Your answer must consist of exactly the lines below, starting with the line with "[libraries it declares])" and going on through the line with "which some entities", and nothing else.

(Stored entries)
/---
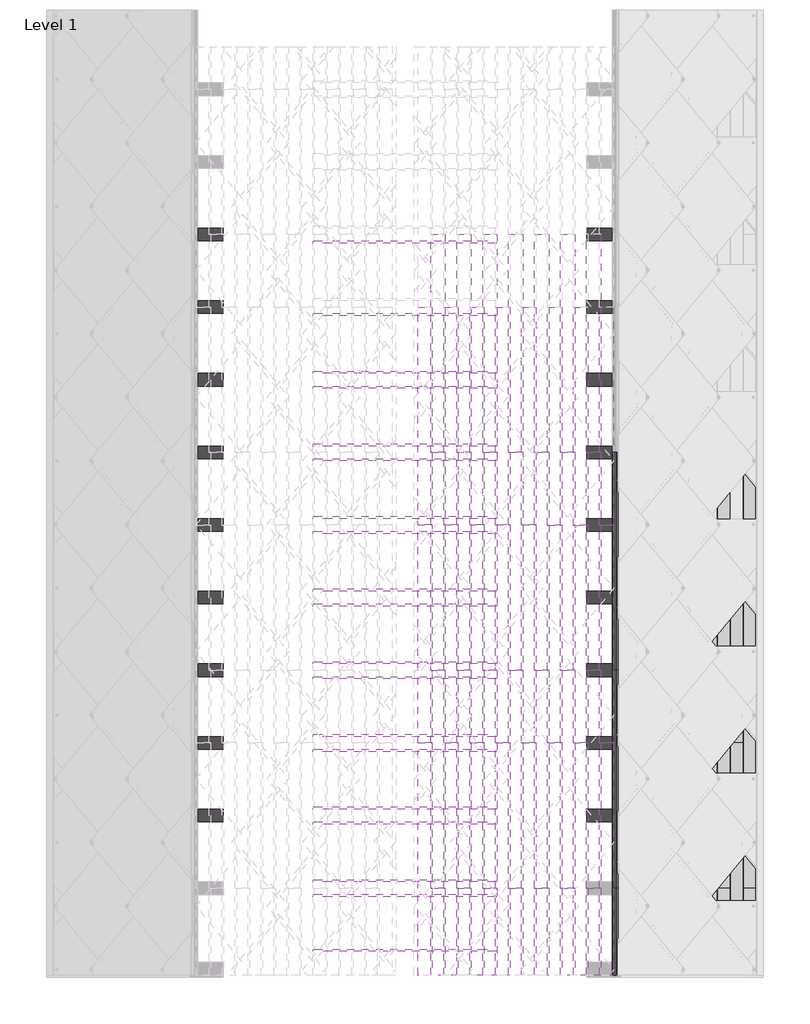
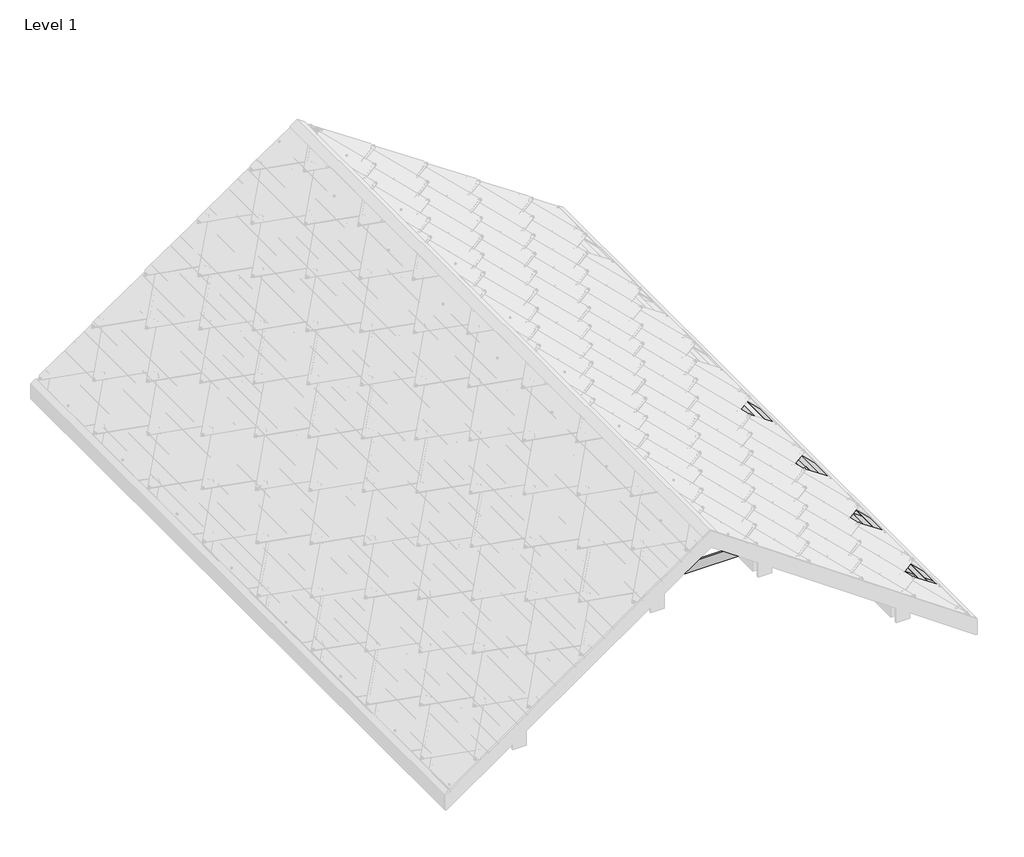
# One storey, part 2 of 6: 110 beams.
"""IFC4 building model written with IfcOpenShell, lengths in millimetres."""

import ifcopenshell
import ifcopenshell.guid

model = None  # the IFC model being written
_history = None  # IfcOwnerHistory: only IFC2X3 demands one
_inside = {}  # id of a spatial element -> (the spatial element, [elements in it])
_under = {}  # id of a project, library or spatial element -> (it, [spatial elements below it])
_declared = {}  # id of a project -> (the project, [libraries it declares])
_typed = {}  # id of a type object -> (the type object, [elements of that type])
_made_of = {}  # id of a material, layer set ... -> (it, [elements and type objects made of it])


def new_model(schema):
    """Start an empty IFC model of exactly this schema.

    Asked for "IFC4X3", IfcOpenShell would pick the latest addendum, in which some entities
    have other attributes; the version numbers below select the first issue.
    IFC2X3 requires an IfcOwnerHistory on every rooted entity: one is made here for all.
    """
    global model, _history
    if schema == "IFC4X3":
        model = ifcopenshell.file(schema_version=(4, 3, 0, 0))
    else:
        model = ifcopenshell.file(schema=schema)
    _inside.clear()
    _under.clear()
    _declared.clear()
    _typed.clear()
    _made_of.clear()
    _history = None
    if model.schema == "IFC2X3":
        org = make("IfcOrganization", Name="unknown")
        user = make(
            "IfcPersonAndOrganization",
            ThePerson=make("IfcPerson", FamilyName="unknown"),
            TheOrganization=org,
        )
        app = make(
            "IfcApplication",
            ApplicationDeveloper=org,
            Version="unknown",
            ApplicationFullName="unknown",
            ApplicationIdentifier="unknown",
        )
        _history = make(
            "IfcOwnerHistory",
            OwningUser=user,
            OwningApplication=app,
            ChangeAction="ADDED",
            CreationDate=0,
        )
    return model


def make(cls, **values):
    """One entity of the class cls with the attributes given. An attribute that is None is left unset."""
    return model.create_entity(
        cls, **{name: value for name, value in values.items() if value is not None}
    )


def rooted(cls, **values):
    """An entity with a GlobalId (a new one), such as an element, a storey or a relation."""
    return make(cls, GlobalId=ifcopenshell.guid.new(), OwnerHistory=_history, **values)


def si_unit(unit_type, name, prefix=None):
    """IfcSIUnit, for example si_unit("LENGTHUNIT", "METRE", prefix="MILLI")."""
    return make("IfcSIUnit", UnitType=unit_type, Prefix=prefix, Name=name)


def assignment(units):
    """IfcUnitAssignment: the units of a project."""
    return None if units is None else make("IfcUnitAssignment", Units=units)


def point(xyz):
    """IfcCartesianPoint."""
    return None if xyz is None else make("IfcCartesianPoint", Coordinates=xyz)


def direction(xyz):
    """IfcDirection."""
    return None if xyz is None else make("IfcDirection", DirectionRatios=xyz)


def frame(location, z_axis=None, x_axis=None):
    """IfcAxis2Placement3D, a coordinate frame: its origin and axes. An axis left out is left unset."""
    return make(
        "IfcAxis2Placement3D",
        Location=point(location),
        Axis=direction(z_axis),
        RefDirection=direction(x_axis),
    )


def origin():
    """The frame at (0, 0, 0) with its axes left unset."""
    return frame((0.0, 0.0, 0.0))


def place(relative_to, where):
    """IfcLocalPlacement: puts the frame where relative to a parent placement (None: the world)."""
    return make(
        "IfcLocalPlacement", PlacementRelTo=relative_to, RelativePlacement=where
    )


def context(
    kind, dimensions, precision=None, world=None, true_north=None, identifier=None
):
    """IfcGeometricRepresentationContext, for example the 3D "Model" context."""
    return make(
        "IfcGeometricRepresentationContext",
        ContextIdentifier=identifier,
        ContextType=kind,
        CoordinateSpaceDimension=dimensions,
        Precision=precision,
        WorldCoordinateSystem=world,
        TrueNorth=true_north,
    )


def project(units=None, contexts=None):
    """IfcProject with its units and contexts."""
    return rooted(
        "IfcProject",
        Name="project",
        RepresentationContexts=contexts,
        UnitsInContext=assignment(units),
    )


def spatial(cls, under=None, at=None, **own):
    """A site, building, storey or space (cls), placed at a placement, below another one or the project."""
    s = rooted(cls, ObjectPlacement=at, **own)
    if under is not None:
        _under.setdefault(under.id(), (under, []))[1].append(s)
    return s


def polyline(points):
    """IfcPolyline through the points."""
    return make("IfcPolyline", Points=[point(p) for p in points])


def outline(outer, holes=None, kind="AREA"):
    """IfcArbitraryClosedProfileDef: a profile drawn as a closed curve; with holes, ...WithVoids."""
    if holes is None:
        return make("IfcArbitraryClosedProfileDef", ProfileType=kind, OuterCurve=outer)
    return make(
        "IfcArbitraryProfileDefWithVoids",
        ProfileType=kind,
        OuterCurve=outer,
        InnerCurves=holes,
    )


def extrude(swept, where, along, depth):
    """IfcExtrudedAreaSolid: the profile swept, set in the frame where, extruded along a direction by depth."""
    return make(
        "IfcExtrudedAreaSolid",
        SweptArea=swept,
        Position=where,
        ExtrudedDirection=direction(along),
        Depth=depth,
    )


def shape(context_of_items, identifier, shape_type, items):
    """IfcShapeRepresentation: the items that make up one representation, for example the "Body"."""
    return make(
        "IfcShapeRepresentation",
        ContextOfItems=context_of_items,
        RepresentationIdentifier=identifier,
        RepresentationType=shape_type,
        Items=items,
    )


def source(mapping_origin, context_of_items, identifier, shape_type, items):
    """IfcRepresentationMap: a shape defined once, which mapped items show again and again."""
    return make(
        "IfcRepresentationMap",
        MappingOrigin=mapping_origin,
        MappedRepresentation=shape(context_of_items, identifier, shape_type, items),
    )


def transform(
    local_origin,
    x_axis=None,
    y_axis=None,
    z_axis=None,
    scale=None,
    scale2=None,
    scale3=None,
    uniform=True,
):
    """IfcCartesianTransformationOperator3D, or its non-uniform kind. x_axis, y_axis, z_axis: its Axis1, 2, 3."""
    if uniform:
        return make(
            "IfcCartesianTransformationOperator3D",
            Axis1=direction(x_axis),
            Axis2=direction(y_axis),
            LocalOrigin=point(local_origin),
            Scale=scale,
            Axis3=direction(z_axis),
        )
    return make(
        "IfcCartesianTransformationOperator3DnonUniform",
        Axis1=direction(x_axis),
        Axis2=direction(y_axis),
        LocalOrigin=point(local_origin),
        Scale=scale,
        Axis3=direction(z_axis),
        Scale2=scale2,
        Scale3=scale3,
    )


def mapped(mapping_source, mapping_target):
    """IfcMappedItem: shows the shape of a source again, moved by a transform."""
    return make(
        "IfcMappedItem", MappingSource=mapping_source, MappingTarget=mapping_target
    )


def made_of(thing, what):
    """Note that an element or type object is made of a material, layer set ...; save() writes the relation."""
    if what is not None:
        _made_of.setdefault(what.id(), (what, []))[1].append(thing)
    return thing


def element(
    cls,
    number,
    at=None,
    inside=None,
    cuts=None,
    type_object=None,
    material=None,
    context=None,
    identifier="Body",
    shape_type=None,
    held_by="IfcProductDefinitionShape",
    body=None,
    shapes=None,
    **own,
):
    """One element of the class cls, such as IfcWall. Its Tag is "e" and its number.

    at: its placement. inside: the storey or other place that contains it. cuts: it is an
    opening in that element (IfcRelVoidsElement). A single representation is given by context,
    identifier, shape_type and body (its items); several are given by shapes. held_by: the class
    of the entity that holds the representations. save() writes the other relations.
    """
    e = rooted(cls, Tag="e%d" % number, ObjectPlacement=at, **own)
    if body is not None:
        shapes = [shape(context, identifier, shape_type, body)]
    if shapes is not None:
        e.Representation = make(held_by, Representations=shapes)
    if inside is not None:
        _inside.setdefault(inside.id(), (inside, []))[1].append(e)
    if cuts is not None:
        rooted(
            "IfcRelVoidsElement", RelatingBuildingElement=cuts, RelatedOpeningElement=e
        )
    if type_object is not None:
        _typed.setdefault(type_object.id(), (type_object, []))[1].append(e)
    return made_of(e, material)


def aggregate(whole, parts):
    """IfcRelAggregates: a whole, such as a stair, and the parts it consists of."""
    return rooted("IfcRelAggregates", RelatingObject=whole, RelatedObjects=parts)


def save(model, path):
    """Write the relations noted so far, then the file.

    IfcRelAggregates (storeys below a building ...), IfcRelContainedInSpatialStructure (elements
    in a storey), IfcRelDefinesByType, IfcRelAssociatesMaterial and IfcRelDeclares: one each for
    every whole, place, type object, material and project.
    """
    for whole, parts in _under.values():
        aggregate(whole, parts)
    for where, things in _inside.values():
        rooted(
            "IfcRelContainedInSpatialStructure",
            RelatedElements=things,
            RelatingStructure=where,
        )
    for kind, things in _typed.values():
        rooted("IfcRelDefinesByType", RelatedObjects=things, RelatingType=kind)
    for what, things in _made_of.values():
        rooted("IfcRelAssociatesMaterial", RelatedObjects=things, RelatingMaterial=what)
    for by, libraries in _declared.values():
        rooted("IfcRelDeclares", RelatingContext=by, RelatedDefinitions=libraries)
    model.write(path)


def structural_framing_1_structural_framing_1_4f4e03de(model_context):
    return source(origin(), model_context, "Body", "SweptSolid", [
        extrude(outline(polyline([(2800.0, 1206.7789073), (51.1319528, -2719.0115151), (-144.1919814, -2719.0115151), (542.0114061, -1739.0115151), (656.0155568, -1739.0115151), (656.0155568, -1576.1967145), (1975.9524969, 308.8685956), (2089.9566477, 308.8685956), (2089.9566477, 471.6833963), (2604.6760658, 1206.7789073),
\---
■ **Answer space**
_declared = {}  # id of a project -> (the project, [libraries it declares])
_typed = {}  # id of a type object -> (the type object, [elements of that type])
_made_of = {}  # id of a material, layer set ... -> (it, [elements and type objects made of it])


def new_model(schema):
    """Start an empty IFC model of exactly this schema.

    Asked for "IFC4X3", IfcOpenShell would pick the latest addendum, in which some entities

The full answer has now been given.